5. See, e.g., RLS Associates, LLC v. United Bank of Kuwait, 2005 WL 578917, at *6 (S.D.N.Y. Mar. 11, 2005) ("the majority of courts" have made what "can only be described as a federal common law distinction between "discovery depositions" and "trial depositions" (or alternatively, "preservation depositions"), and have held the latter category permissible even after the discovery deadline had passed."); see also Rains v. Bnsf Ry. Co., 2010 U.S. Dist. LEXIS 143225 *2 (N.D. Tex. Apr. 1, 2010) (where "a witness cannot appear due to an unforeseen circumstance such as illness, courts allow depositions beyond the discovery deadline to preserve the witness's testimony for trial"); Spangler v. Sears, Roebuck & Co., 138 F.R.D. 122, 124 (S.D. Ind. 1991) (finding that after the discovery cut-off a party may not engage in any further discovery, but the discovery cut-off "does not prevent a party from memorializing a witness' testimony in order to offer it at trial."); Estenfelder v. Gates Corp., 199 F.R.D. 351, 354 (D. Colo. 2001) (trial depositions are not discovery depositions).

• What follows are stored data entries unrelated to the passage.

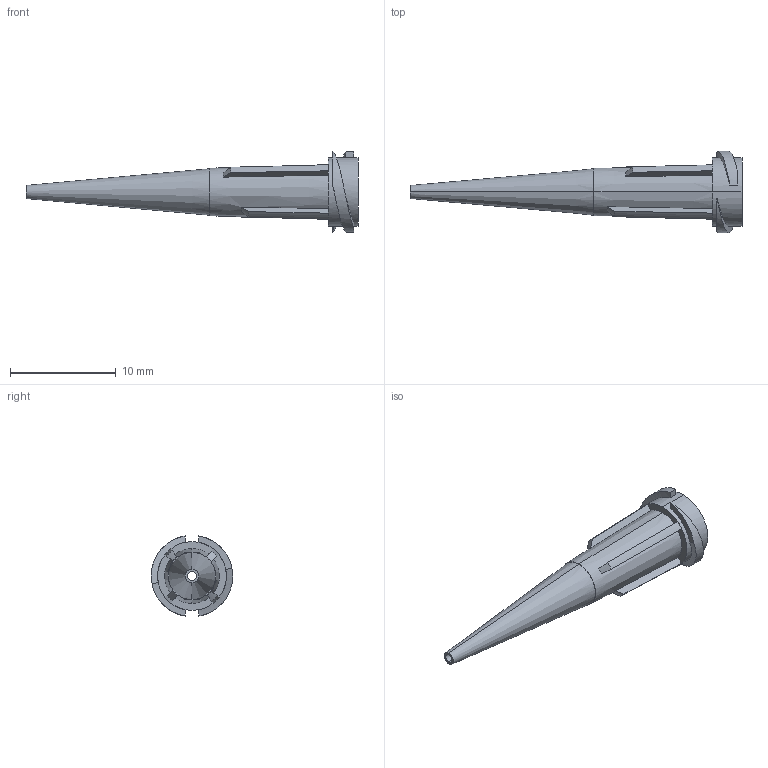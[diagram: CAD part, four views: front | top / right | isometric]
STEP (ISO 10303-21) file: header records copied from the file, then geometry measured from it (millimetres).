
FILE_DESCRIPTION (( 'STEP AP214' ), '1' );
FILE_NAME ('8001282_CUS.STEP', '2022-05-31T13:32:38', ( '' ), ( '' ), 'SwSTEP 2.0', 'SolidWorks 2020', '' );
FILE_SCHEMA (( 'AUTOMOTIVE_DESIGN' ));
Length unit declared in the file: millimetre
Products named in the file (1): 8001282_CUS
Bounding box: 31.4 x 7.69 x 7.59 mm (x, y, z)
Volume: 228.9 mm3; surface area: 789.1 mm2
Topology: 3 solids, 3 shells, 55 faces, 126 edges, 82 vertices
Faces by surface type: plane 25, cone 20, bspline 6, cylinder 4
Entity records: 1824 total; most frequent: CARTESIAN_POINT 554, DIRECTION 254, ORIENTED_EDGE 252, EDGE_CURVE 126, AXIS2_PLACEMENT_3D 100, VERTEX_POINT 82, EDGE_LOOP 62, ADVANCED_FACE 55
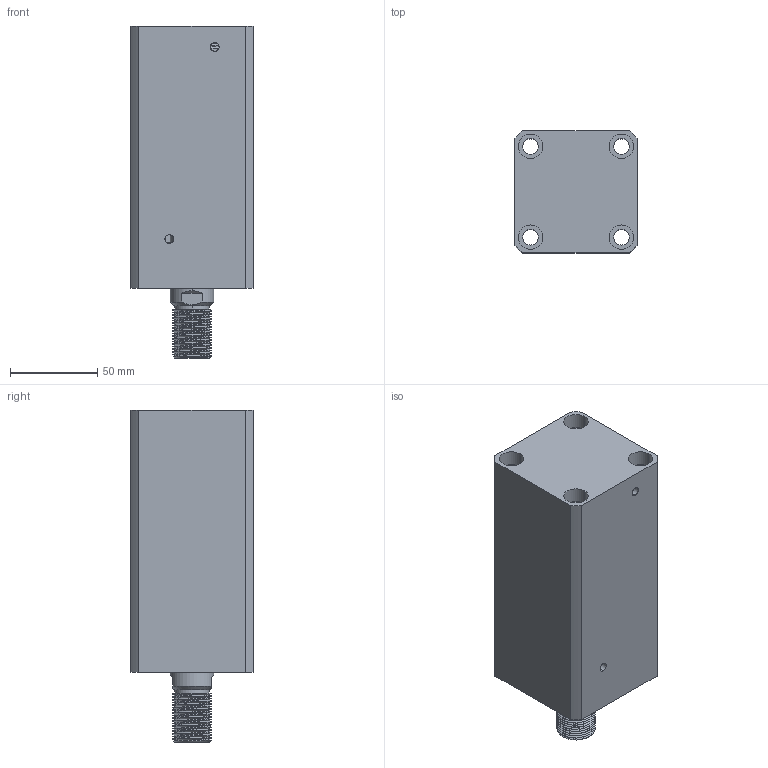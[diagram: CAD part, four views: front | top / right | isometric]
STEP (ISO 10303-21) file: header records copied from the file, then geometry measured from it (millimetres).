
FILE_DESCRIPTION (( 'STEP AP214' ), '1' );
FILE_NAME ('chtb-sdma40x95w_asm.STEP', '2018-06-06T00:10:54', ( 'Windows' ), ( 'Microsoft' ), 'SwSTEP 2.0', 'SolidWorks 2015', '' );
FILE_SCHEMA (( 'AUTOMOTIVE_DESIGN' ));
Length unit declared in the file: millimetre
Products named in the file (4): CHTB-SDMA40X95NBT; CHTB-SD40X95WHSG; CHTB-SD40QG; chtb-sdma40x95w_asm
Assembly tree (3 placements, depth 2):
  chtb-sdma40x95w_asm
    CHTB-SD40QG
    CHTB-SD40X95WHSG
    CHTB-SDMA40X95NBT
Bounding box: 70 x 70 x 190 mm (x, y, z)
Volume: 619820.1 mm3; surface area: 119678.8 mm2
Topology: 3 solids, 4 shells, 203 faces, 545 edges, 363 vertices
Faces by surface type: cylinder 122, plane 40, bspline 16, torus 14, cone 11
Entity records: 13587 total; most frequent: CARTESIAN_POINT 8658, ORIENTED_EDGE 1078, DIRECTION 914, EDGE_CURVE 539, AXIS2_PLACEMENT_3D 378, VERTEX_POINT 363, EDGE_LOOP 240, ADVANCED_FACE 203

6. In re Tutu Water Wells Contamination Cercla Litig., 189 F.R.D. 153, 157, 1999 U.S. Dist. LEXIS 10139 (D.V.I. Jun. 16, 1999) ("this Court is unable to recognize a distinction between a de bene esse deposition and one used for discovery."). See also Harris v. CRST VAN Expedited, Inc., 2015 U.S. Dist. LEXIS 6619 (N.D. Iowa Jan. 21, 2015) (barring depositions from use at trial where plaintiff deposed his own doctors outside the discovery period and without the presence of defense counsel)); Settles v. Livengood, 2015 U.S. Dist. LEXIS 57833 (E.D. Mo. May 4, 2015) ("[T]here is no right to a `trial deposition' separate and apart from the `deposition' rules expressly found in Rules 30 through 32. Parties who make the tactical decision not to preserve deposition testimony during the discovery phase take the risk that the testimony will not be presented if the witness is unable or unwilling to appear at trial.")
7. See Section III. L. 5-6, The Hon. Curtis V. Goméz, Policies and Procedures (Feb. 2, 2016), http://www.vid.uscourts.gov/sites/vid/files/CVG Policies and Procedures.
8. Plaintiffs apparently did not specifically identify Dr. Marino as a witness, although his name did appear in one medical record that plaintiffs produced.
9. Defs.' Reply to Opp'n [DE 241] at p. 4 (there is a "lack of any evidence that Dr. Chay's lack of availability for trial is a recent occurrence.").